É natural que apareça gente a dizer que isto é tudo uma alienação, que dantes é que era bom. Tenho a sensação que essas pessoas diriam o mesmo da televisão, do rádio, da literatura, da escrita, da roda e do fogo. Da mesma maneira que é difícil parar o progresso, também não se pode parar quem diz mal dele. Pessoalmente, gosto da nova indústria da memória e dos novos serões de província.

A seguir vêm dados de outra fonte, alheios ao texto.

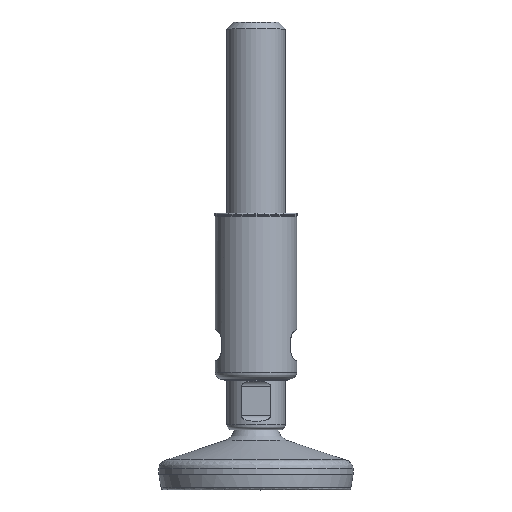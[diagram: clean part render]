
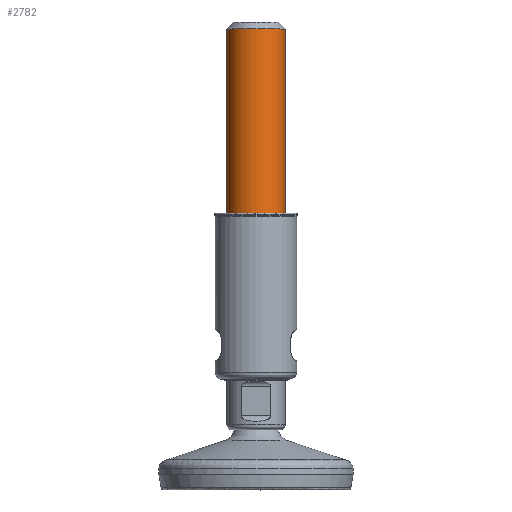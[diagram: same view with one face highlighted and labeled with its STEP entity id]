
A CAD part, top view. The second image highlights one B-rep face of the part: STEP entity #2782.
In plain terms, the highlighted cylindrical face has radius 15 mm (diameter 30 mm), a full revolution.
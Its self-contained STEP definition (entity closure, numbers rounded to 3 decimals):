
#2701=CARTESIAN_POINT('',(1338.633,1101.034,-15.0));
#2702=VERTEX_POINT('',#2701);
#2703=CARTESIAN_POINT('',(1338.633,1101.034,15.0));
#2704=VERTEX_POINT('',#2703);
#2705=CARTESIAN_POINT('',(1338.633,1101.034,0.0));
#2706=DIRECTION('',(0.,1.0,0.0));
#2707=DIRECTION('',(0.0,0.0,1.0));
#2708=AXIS2_PLACEMENT_3D('',#2705,#2706,#2707);
#2709=CIRCLE('',#2708,15.0);
#2710=EDGE_CURVE('',#2702,#2704,#2709,.T.);
#2712=CARTESIAN_POINT('',(1338.633,1101.034,0.0));
#2713=DIRECTION('',(0.,1.0,0.0));
#2714=DIRECTION('',(0.0,0.0,1.0));
#2715=AXIS2_PLACEMENT_3D('',#2712,#2713,#2714);
#2716=CIRCLE('',#2715,15.0);
#2717=EDGE_CURVE('',#2704,#2702,#2716,.T.);
#2748=CARTESIAN_POINT('',(1338.633,1101.034,0.0));
#2749=DIRECTION('',(0.,1.0,0.0));
#2750=DIRECTION('',(0.0,0.0,1.0));
#2751=AXIS2_PLACEMENT_3D('',#2748,#2749,#2750);
#2752=CYLINDRICAL_SURFACE('',#2751,15.0);
#2753=ORIENTED_EDGE('',*,*,#2717,.T.);
#2754=ORIENTED_EDGE('',*,*,#2710,.T.);
#2755=CARTESIAN_POINT('',(1338.633,1211.014,15.0));
#2756=VERTEX_POINT('',#2755);
#2757=CARTESIAN_POINT('',(1338.633,1101.034,15.0));
#2758=DIRECTION('',(0.,1.0,0.0));
#2759=VECTOR('',#2758,109.98);
#2760=LINE('',#2757,#2759);
#2761=EDGE_CURVE('',#2704,#2756,#2760,.T.);
#2762=ORIENTED_EDGE('',*,*,#2761,.T.);
#2763=CARTESIAN_POINT('',(1338.633,1211.014,-15.0));
#2764=VERTEX_POINT('',#2763);
#2765=CARTESIAN_POINT('',(1338.633,1211.014,0.0));
#2766=DIRECTION('',(0.,1.0,0.0));
#2767=DIRECTION('',(0.0,0.0,1.0));
#2768=AXIS2_PLACEMENT_3D('',#2765,#2766,#2767);
#2769=CIRCLE('',#2768,15.0);
#2770=EDGE_CURVE('',#2764,#2756,#2769,.T.);
#2771=ORIENTED_EDGE('',*,*,#2770,.F.);
#2772=CARTESIAN_POINT('',(1338.633,1211.014,0.0));
#2773=DIRECTION('',(0.,1.0,0.0));
#2774=DIRECTION('',(0.0,0.0,1.0));
#2775=AXIS2_PLACEMENT_3D('',#2772,#2773,#2774);
#2776=CIRCLE('',#2775,15.0);
#2777=EDGE_CURVE('',#2756,#2764,#2776,.T.);
#2778=ORIENTED_EDGE('',*,*,#2777,.F.);
#2779=ORIENTED_EDGE('',*,*,#2761,.F.);
#2780=EDGE_LOOP('',(#2753,#2754,#2762,#2771,#2778,#2779));
#2781=FACE_OUTER_BOUND('',#2780,.T.);
#2782=ADVANCED_FACE('',(#2781),#2752,.T.);

Filed under: Não é bem design, mas...

3 Responses

  1. Wilfrid de Sá diz:

    Concordo plenamente contigo quanto ao facto das séries terem o mesmo papel que um bom livro, isto é ao nível das sensações obtidas da sua fruição. Fico preocupado pelo facto de as noções de tempo serem muito mais abstractas com este formato. Falo de, por exemplo, ver três episódios seguidos (ou mais…oz, the wire, six feet under, mad men levem-me muitas vezes a isso…) quando estes são previstos para o formato da TV na maioria com 50 min. Sinto a estranha sensação de não estar a desfrutar plenamente de uma iguaria que merece o seu tempo de amadurecimento nas nossas mentes. Alguma pista para este sintoma desaparecer?

  2. Mário diz:

    O que se perde talvez é a experiência da vivência colectiva de um filme, mas continuamos a ter isso no teatro.

  3. Wilfrid de Sá diz:

    Mas essa vivência colectiva tem pontos negativos, isto é, uma certa pressão social que pessoalmente me impede de estar totalmente atento a narrativa e a prestação dos actores. No entanto pelo levantar do ecrã físico no teatro concentramos e sabemos que aquele palavra foi e nunca mais será dita da mesma forma. Penso as relações temporais no formato série, como capazes de alimentarem mais facilmente um certo espírito de gula ou de vício. Onde pretendo incidir é, onde estará o limite se ele existe ou como te-lo quando sabemos que hoje em dia podemos ver uma temporada seguida de qualquer série. Há forçosamente algo que se perde relativamente ao culto de se esperar uma semana para podermos continuar a deliciar-nos com a nossa série preferida. Recorro muitas vezes a um exemplo para me fazer entender neste ponto: Entre comer uma tablete de chocolate e comer um quadrado, a diferença só está na quantidade porque o sabor é o mesmo. Então porque comer mais?